Film review by: Witney Seibold

I would have like d Joseph Kosinski‘s fan-placating “TRON: Legacy” a bit more had the rules been more clear. The original “TRON,” from 1982, was a pretty far-fetched concept to begin with (human beings are transformed into digital information, and stored in a computer, where they experience a well-constructed society of digital people, overseen by a wicked master control program), but it at least worked in that overblown fantasy musing fashion that was the word of the day. Everything looked flase, and it was never explained why programs took the form of humans; it was essentially a fun way to picture your video game avatars as real humans.


The new “TRON” doesn’t make these old rules any more clear, and then heaps all news kinds of details into this universe like so many lumps of mashed potatoes, and still doesn’t bother to explain the physics or the social structure of these digital humans. In this new “TRON,” vehicles seem to have real weight and wind blows freely through people’s hair. Everything is very realistic and Earthy. In the original “TRON,” everything looked digital and constructed, which is, I imagine, how life inside a computer would be. I think the improvement of the visuals is less a comment on the way computer technology has advanced, and more the film’s director playing with new SFX toys.

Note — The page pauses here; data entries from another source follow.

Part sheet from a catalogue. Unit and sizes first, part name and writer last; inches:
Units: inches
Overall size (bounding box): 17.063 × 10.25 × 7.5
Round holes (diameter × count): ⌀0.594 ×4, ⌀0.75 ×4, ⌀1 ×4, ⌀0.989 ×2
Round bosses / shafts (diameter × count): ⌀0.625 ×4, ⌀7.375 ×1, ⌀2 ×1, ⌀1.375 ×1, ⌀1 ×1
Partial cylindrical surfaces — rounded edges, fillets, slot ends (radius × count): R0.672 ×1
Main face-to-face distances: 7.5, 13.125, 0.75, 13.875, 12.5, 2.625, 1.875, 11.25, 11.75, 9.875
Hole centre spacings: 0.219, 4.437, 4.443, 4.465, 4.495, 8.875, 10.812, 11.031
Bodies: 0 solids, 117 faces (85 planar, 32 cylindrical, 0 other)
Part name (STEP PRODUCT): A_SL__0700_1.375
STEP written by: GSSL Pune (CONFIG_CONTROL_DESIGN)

That’s another thing, the film’s director and screenwriter did not take any opportunities to explore the new computer ubiquity that has arisen since 1982. There is a single line of dialogue where Flynn (Jeff Bridges) asks what “wi-fi” is, but no comment on how computers are used. In 1982, few people had computers in their homes. As of today, an entire generation of teenagers is so well-wired, that they hardly ever close their profiles, and keep internet-ready telephones in their pockets. The idea of physically entering a computer has become a reality. “TRON: Legacy” had so much opportunity to explore the thin membrane between the “real” world and the digital one, but opted, instead, to execute the insufferably classic sequel fallacy, and assume it was the characters and small details of the original that got us interested.


We fall in love with a movie because of its strong story, originality and sense of adventure; we absorb the details and character as an afterthought. Stop making character-heavy sequels. I promise your sequels will improve.

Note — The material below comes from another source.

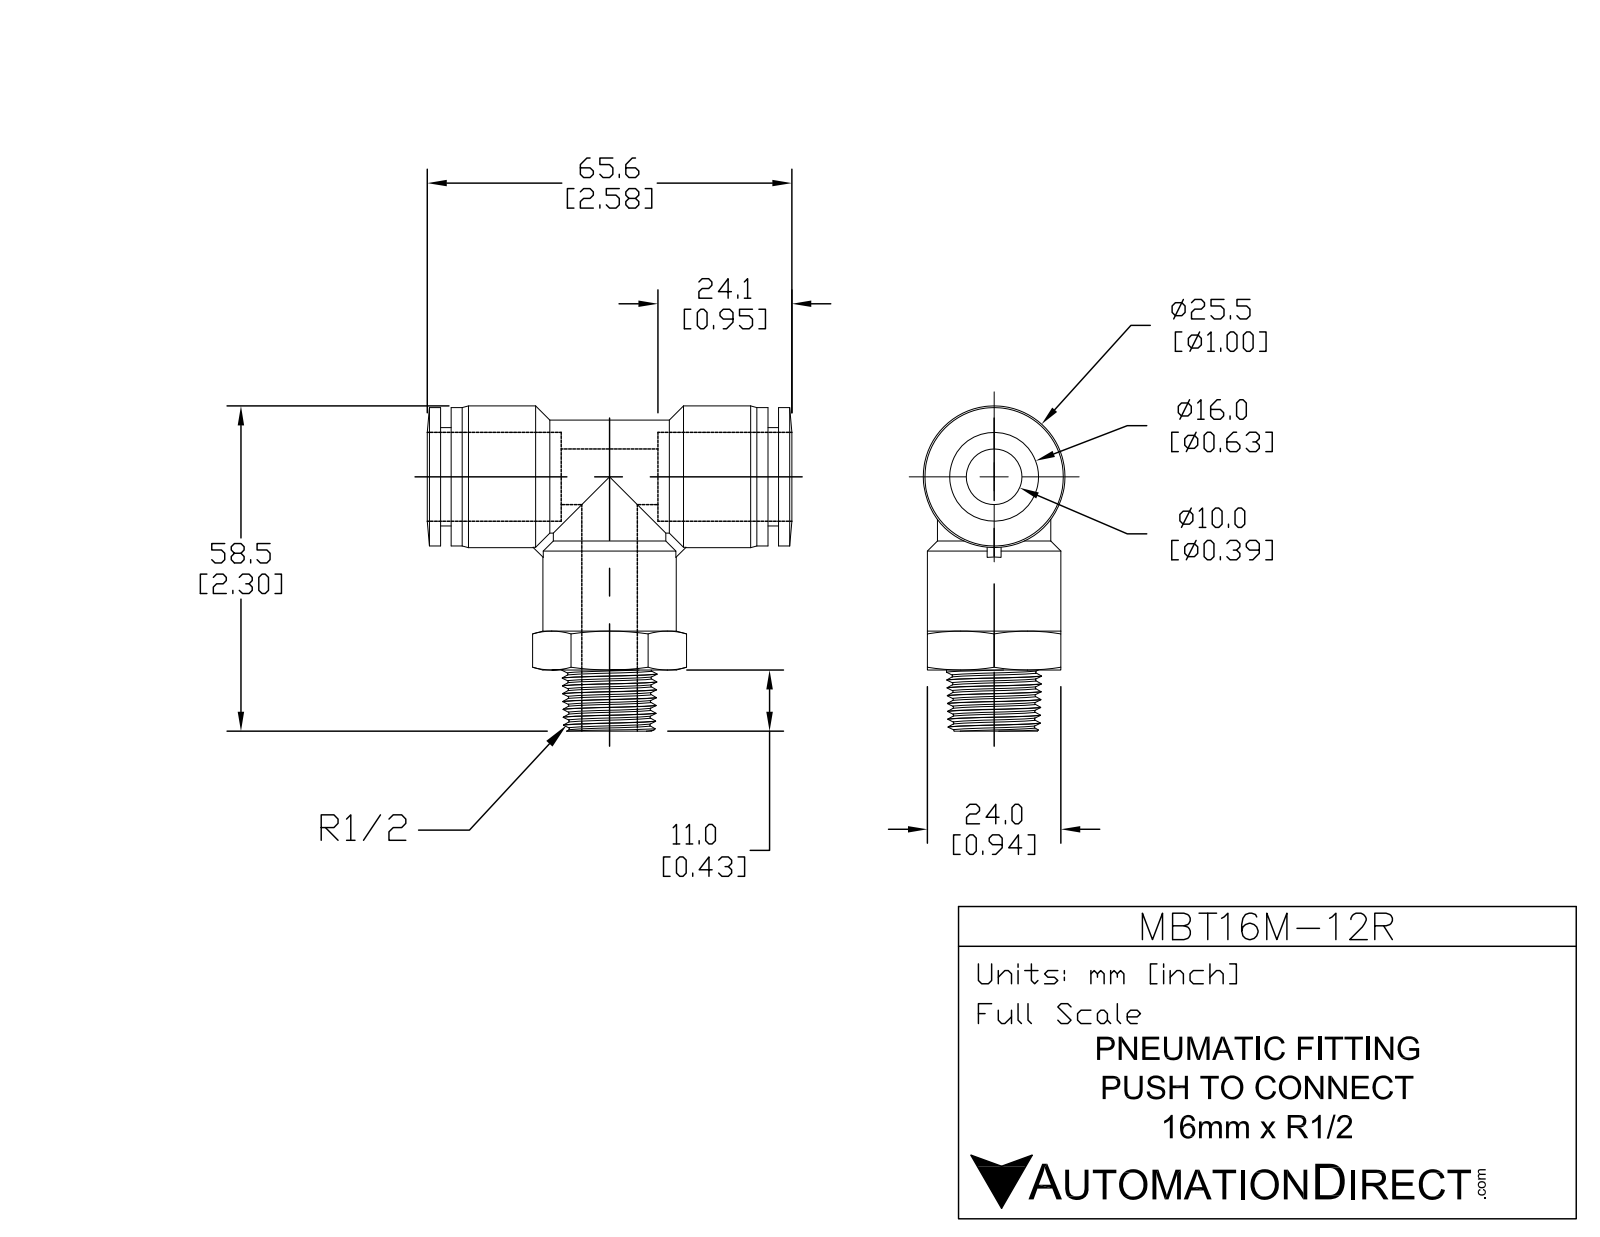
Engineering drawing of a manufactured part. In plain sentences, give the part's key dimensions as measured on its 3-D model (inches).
The part is named "MBT16M-12R". Its 3-D file was written by "SolidWorks 2015 (AUTOMOTIVE_DESIGN)". It is 1 solid with 95 faces: 20 planar, 31 cylindrical and 44 other. Overall it measures 2.583 by 2.305 by 1.004 inches. Its volume is 1.53 cubic inches and its surface area 21.51 square inches. Round holes: 2 of diameter 0.512, 1 of diameter 0.642. Round bosses or shafts: 2 of diameter 0.803, 1 of diameter 1.004, 1 of diameter 0.992, 1 of diameter 0.984, 1 of diameter 0.945, 1 of diameter 0.709. The main face-to-face distances are 0.945, 0.063, 2.299, 2.362, 0.839, 1.524, 0.776, 1.461, 2.236, 0.551.

The story of “TRON: Legacy.” Flynn disappeared in 1989, leaving his son Sam (Garrett Hedlund) a suffering orphan. Sam grew up watching his father’s electronics company grow from a little idealistic, free-information-for-everybody enterprise into a worldwide tyranny that is pulling the same Microsoftian tactics that even the most casual electronics consumer has become jaded by. Luckily, Sam knows how to break into his father’s company, and sabotage the things he disapproves of. Bruce Boxleitner still works for the company. David Warner is nowhere to be seen.


Sam is called to his father’s old arcade, where he discovers, in a secret vault, the same digitizing laser from the first film. Sam is digitized, and forced into the computer, called The Grid. The Grid has become an oppressive place, ruled over by a wicked program named Clu, which is the digitized clone of Flynn, and is played by a creepily animated younger version of Jeff Bridges. Clu doesn’t look quite right, but then, I suppose that was the point. Sam is forced to compete in Roman-style blood sports with other programs, and we see updated versions of the games from the original “TRON,” only now they are in 3-D, are faster and more tightly edited, feature more impressive special effects, and are underscored by Daft Punk‘s relentlessly trance-like digi-score. They look neat – indeed the entire digital world does at least have a unique aesthetic – but it’s all, strnegly, less interesting to watch. I think it’s because we expect it coming.

Eventually Sam is able to meet with his real father, who has been hiding out in The Grid since 1989, looking after a lady program named Quorra (Olivia Wilde), who dresses in glowing fetishistic rubber pants, has a cutesy pixie hairdo, and may hold the secret to defeating Clu and escaping The Grid. It’s also at this point that we are introduced to the idea of ISOs, that is; programs that grew naturally into the program.

If you’ll excuse a kind of brainy digression…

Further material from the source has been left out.